The decision comes as the global energy market reels from the escalating conflict in West Asia and the strategic blockade of the Strait of Hormuz, which has sent crude oil prices soaring past the $100-per-barrel mark.

“A Very Small Rise”: IOCL Reassures Consumers

Speaking to the press shortly after the revision took effect, Arvind Kumar, Director (Refineries) at Indian Oil Corporation Limited (IOCL), characterized the hike as a necessary but “very small” adjustment given the immense global pressure.

“It is a very small rise, and you know a lot of pressure is there,” Kumar stated. “But I can tell you that Indian Oil group companies and refineries are working round the clock at more than 100% capacity to ensure there is no shortage at retail outlets.”

The Director emphasized that while the global supply chain is under duress, the domestic supply remains robust. The operational surge in refineries is intended to prevent any “dry-outs” or panic buying at fuel stations, which have seen increased queues since the early morning announcement.

The New Price Landscape

The price revision, effective from 6:00 AM on May 15, varies slightly across states due to differences in local Value Added Tax (VAT) and freight charges.

Fuel Rates in Major Metros (per litre)

CityPetrol Price (New)Diesel Price (New)Hike Amount
Delhi₹97.77₹90.67~₹3.00
Mumbai₹106.68₹93.14~₹3.14
Kolkata₹108.74₹95.13~₹3.29
Chennai₹103.67₹95.25~₹2.83

In addition to liquid fuels, Compressed Natural Gas (CNG) prices have also been revised upward by ₹2 per kg in the national capital, bringing the price to ₹79.09 per kg in Delhi and as high as ₹87 per kg in satellite cities like Noida and Ghaziabad.

Why Now? The Geopolitical Squeeze

The primary catalyst for this hike is the ongoing West Asia conflict, involving the U.S., Israel, and Iran. The disruption of the Strait of Hormuz—a waterway responsible for nearly 20% of the world’s oil shipments—has created a “perfect storm” for energy importers like India, which sources nearly 90% of its crude from overseas.

Industry experts note that India was one of the last major economies to pass these costs to the consumer. For the past several weeks, OMCs were reportedly losing nearly ₹1,000 crore per day to keep prices stable.

The Financial Strain on OMCs

Union Petroleum Minister Hardeep Singh Puri had previously warned that if global rates remained elevated, the combined losses of IOCL, BPCL, and HPCL could wipe out their entire projected profits for the 2025-26 fiscal year. Estimates suggest the “under-recovery” (the difference between the cost of production and the retail price) had reached a staggering ₹30,000 crore per month.

Government’s Call for “Energy Patriotism”

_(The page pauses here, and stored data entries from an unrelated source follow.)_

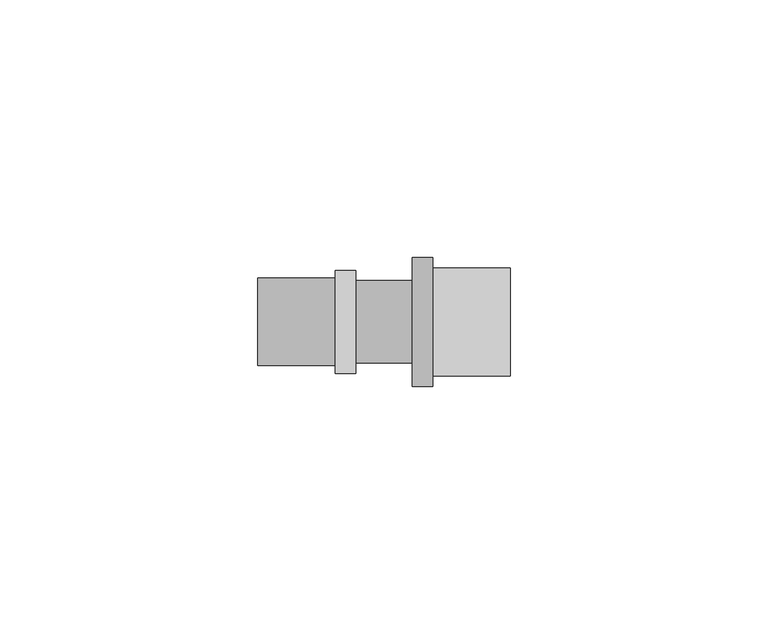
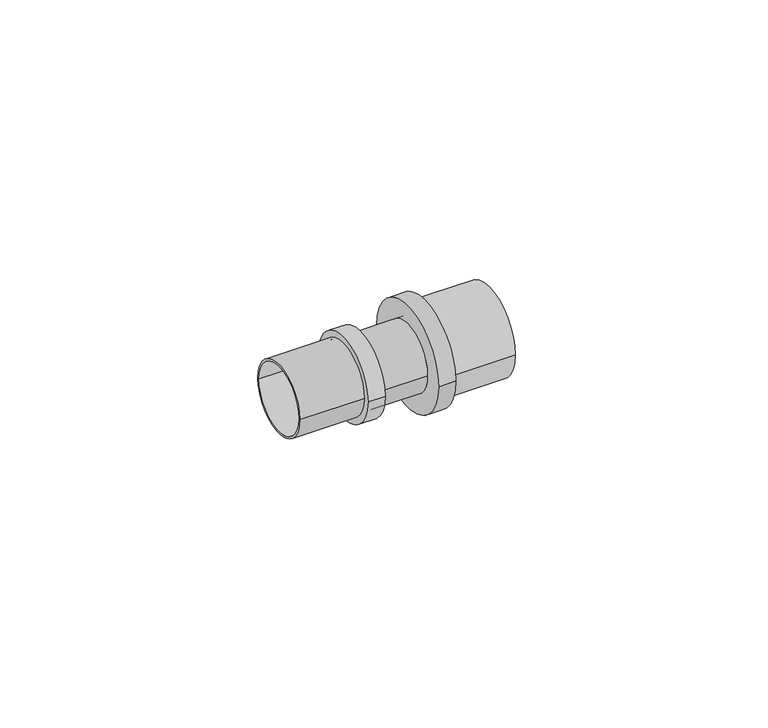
"""IFC4 building model written with IfcOpenShell, lengths in millimetres: pipe fitting geometry, БИР ПЕКС_НПР_Соединитель_Резьба_Наружная : Соединитель прямой с наружной резьбой."""

from ifc_helpers import new_model, si_unit, point, frame, origin, origin_2d, place, context, project, spatial, circle_curve, trimmed, segment, composite_curve, outline, extrude, source, transform, mapped, element, save


def pipe_fitting_0f1fe841(model_context):
    return source(origin(), model_context, "Body", "SweptSolid", [
        extrude(outline(composite_curve([segment(trimmed(circle_curve(origin_2d(), 8.5), [point((-8.5, 0.0))], [point((8.5, 0.0))], False, "CARTESIAN"), True, "CONTINUOUS"), segment(trimmed(circle_curve(origin_2d(), 8.5), [point((8.5, 0.0))], [point((-8.5, 0.0))], False, "CARTESIAN"), True, "CONTINUOUS")], self_intersect=False), holes=[composite_curve([segment(trimmed(circle_curve(origin_2d(), 8.0), [point((-8.0, 0.0))], [point((8.0, 0.0))], True, "CARTESIAN"), True, "CONTINUOUS"), segment(trimmed(circle_curve(origin_2d(), 8.0), [point((8.0, 0.0))], [point((-8.0, 0.0))], True, "CARTESIAN"), True, "CONTINUOUS")], self_intersect=False)]), frame((-21.375, 0.0, 0.0), z_axis=(1.0, 0.0, 0.0), x_axis=(0.0, 1.0, 0.0)), (0.0, 0.0, 1.0), 15.0),
        extrude(outline(composite_curve([segment(trimmed(circle_curve(origin_2d(), 10.5), [point((-10.5, 0.0))], [point((10.5, 0.0))], False, "CARTESIAN"), True, "CONTINUOUS"), segment(trimmed(circle_curve(origin_2d(), 10.5), [point((10.5, 0.0))], [point((-10.5, 0.0))], False, "CARTESIAN"), True, "CONTINUOUS")], self_intersect=False), holes=[composite_curve([segment(trimmed(circle_curve(origin_2d(), 10.0), [point((-10.0, 0.0))], [point((10.0, 0.0))], True, "CARTESIAN"), True, "CONTINUOUS"), segment(trimmed(circle_curve(origin_2d(), 10.0), [point((10.0, 0.0))], [point((-10.0, 0.0))], True, "CARTESIAN"), True, "CONTINUOUS")], self_intersect=False)]), frame((12.625, 0.0, 0.0), z_axis=(1.0, 0.0, 0.0), x_axis=(0.0, 1.0, 0.0)), (0.0, 0.0, 1.0), 15.0),
        extrude(outline(composite_curve([segment(trimmed(circle_curve(origin_2d(), 8.0), [point((-8.0, 0.0))], [point((8.0, 0.0))], False, "CARTESIAN"), True, "CONTINUOUS"), segment(trimmed(circle_curve(origin_2d(), 8.0), [point((8.0, 0.0))], [point((-8.0, 0.0))], False, "CARTESIAN"), True, "CONTINUOUS")], self_intersect=False)), frame((-2.375, 0.0, 0.0), z_axis=(1.0, 0.0, 0.0), x_axis=(0.0, 1.0, 0.0)), (0.0, 0.0, 1.0), 11.0),
        extrude(outline(composite_curve([segment(trimmed(circle_curve(origin_2d(), 12.5), [point((-12.5, 0.0))], [point((12.5, 0.0))], False, "CARTESIAN"), True, "CONTINUOUS"), segment(trimmed(circle_curve(origin_2d(), 12.5), [point((12.5, 0.0))], [point((-12.5, 0.0))], False, "CARTESIAN"), True, "CONTINUOUS")], self_intersect=False), holes=[composite_curve([segment(trimmed(circle_curve(origin_2d(), 8.0), [point((-8.0, 0.0))], [point((8.0, 0.0))], True, "CARTESIAN"), True, "CONTINUOUS"), segment(trimmed(circle_curve(origin_2d(), 8.0), [point((8.0, 0.0))], [point((-8.0, 0.0))], True, "CARTESIAN"), True, "CONTINUOUS")], self_intersect=False)]), frame((8.625, 0.0, 0.0), z_axis=(1.0, 0.0, 0.0), x_axis=(0.0, 1.0, 0.0)), (0.0, 0.0, 1.0), 4.0),
        extrude(outline(composite_curve([segment(trimmed(circle_curve(origin_2d(), 10.0), [point((-10.0, 0.0))], [point((10.0, 0.0))], False, "CARTESIAN"), True, "CONTINUOUS"), segment(trimmed(circle_curve(origin_2d(), 10.0), [point((10.0, 0.0))], [point((-10.0, 0.0))], False, "CARTESIAN"), True, "CONTINUOUS")], self_intersect=False), holes=[composite_curve([segment(trimmed(circle_curve(origin_2d(), 8.0), [point((-8.0, 0.0))], [point((8.0, 0.0))], True, "CARTESIAN"), True, "CONTINUOUS"), segment(trimmed(circle_curve(origin_2d(), 8.0), [point((8.0, 0.0))], [point((-8.0, 0.0))], True, "CARTESIAN"), True, "CONTINUOUS")], self_intersect=False)]), frame((-6.375, 0.0, 0.0), z_axis=(1.0, 0.0, 0.0), x_axis=(0.0, 1.0, 0.0)), (0.0, 0.0, 1.0), 4.0),
    ])


if __name__ == "__main__":
    model = new_model("IFC4")
    model_context = context("Model", 3, world=origin())
    ifc_project = project(units=[si_unit("LENGTHUNIT", "METRE", prefix="MILLI")], contexts=[model_context])
    site = spatial("IfcSite", under=ifc_project)
    building = spatial("IfcBuilding", under=site)
    placement = place(None, origin())
    pipe_fitting_shape = pipe_fitting_0f1fe841(model_context)
    element("IfcPipeFitting", 1, ObjectType="БИР ПЕКС_НПР_Соединитель_Резьба_Наружная : Соединитель прямой с наружной резьбой", at=placement, inside=building, context=model_context, shape_type="MappedRepresentation", body=[
        mapped(pipe_fitting_shape, transform((0.0, 0.0, 0.0), x_axis=(1.0, 0.0, 0.0), y_axis=(0.0, 1.0, 0.0), z_axis=(0.0, 0.0, 1.0))),
    ])
    save(model, "model.ifc")

The hike follows a series of appeals from Prime Minister Narendra Modi, who recently urged citizens to adopt “voluntary austerity” to protect the nation’s foreign exchange reserves.

The Prime Minister’s suggestions included:

  • Increasing the use of public transportation and carpooling.
  • Encouraging work-from-home where feasible to reduce daily commutes.
  • Limiting the purchase of non-essential imports like gold.

PM Modi described fuel conservation as an “act of patriotism” in the current economic climate, as the Indian Rupee continues to face pressure against the US Dollar due to the rising import bill.

Impact on the Common Man and Logistics

The ₹3 hike is expected to have a cascading effect on the economy. While the IOCL Director describes it as “small,” transporters and daily commuters disagree.

“For a cab driver, an increase of ₹3 in petrol and ₹2 in CNG adds up to an extra ₹3,500 per month in expenses,” says Rajesh, a Delhi-based taxi operator. “We cannot easily pass this on to passengers without losing business.”

CRISIL Intelligence reports suggest that freight rates could rise by approximately 1.5% to 2% in the coming weeks, which typically leads to a marginal increase in the prices of essential commodities like fruits, vegetables, and milk.

Market Reaction

Following the news, shares of major oil companies saw a mixed reaction on the National Stock Exchange (NSE). While the price hike helps improve the margins for fuel retailers, concerns over prolonged geopolitical instability led to a 2% to 3% dip in the share prices of HPCL and BPCL during morning trade.

What to Expect Next?

While the current hike provides a temporary breather for oil companies, it covers only a fraction of the actual cost increase. Market analysts warn that if the West Asia crisis does not de-escalate, further incremental hikes may be on the horizon.

For now, the government’s focus remains on supply security. With refineries running at over 100% capacity and the IOCL leadership promising a “round-the-clock” vigil, the immediate goal is to ensure that every petrol pump in the country remains wet, even if the price at the nozzle is a bit higher than yesterday.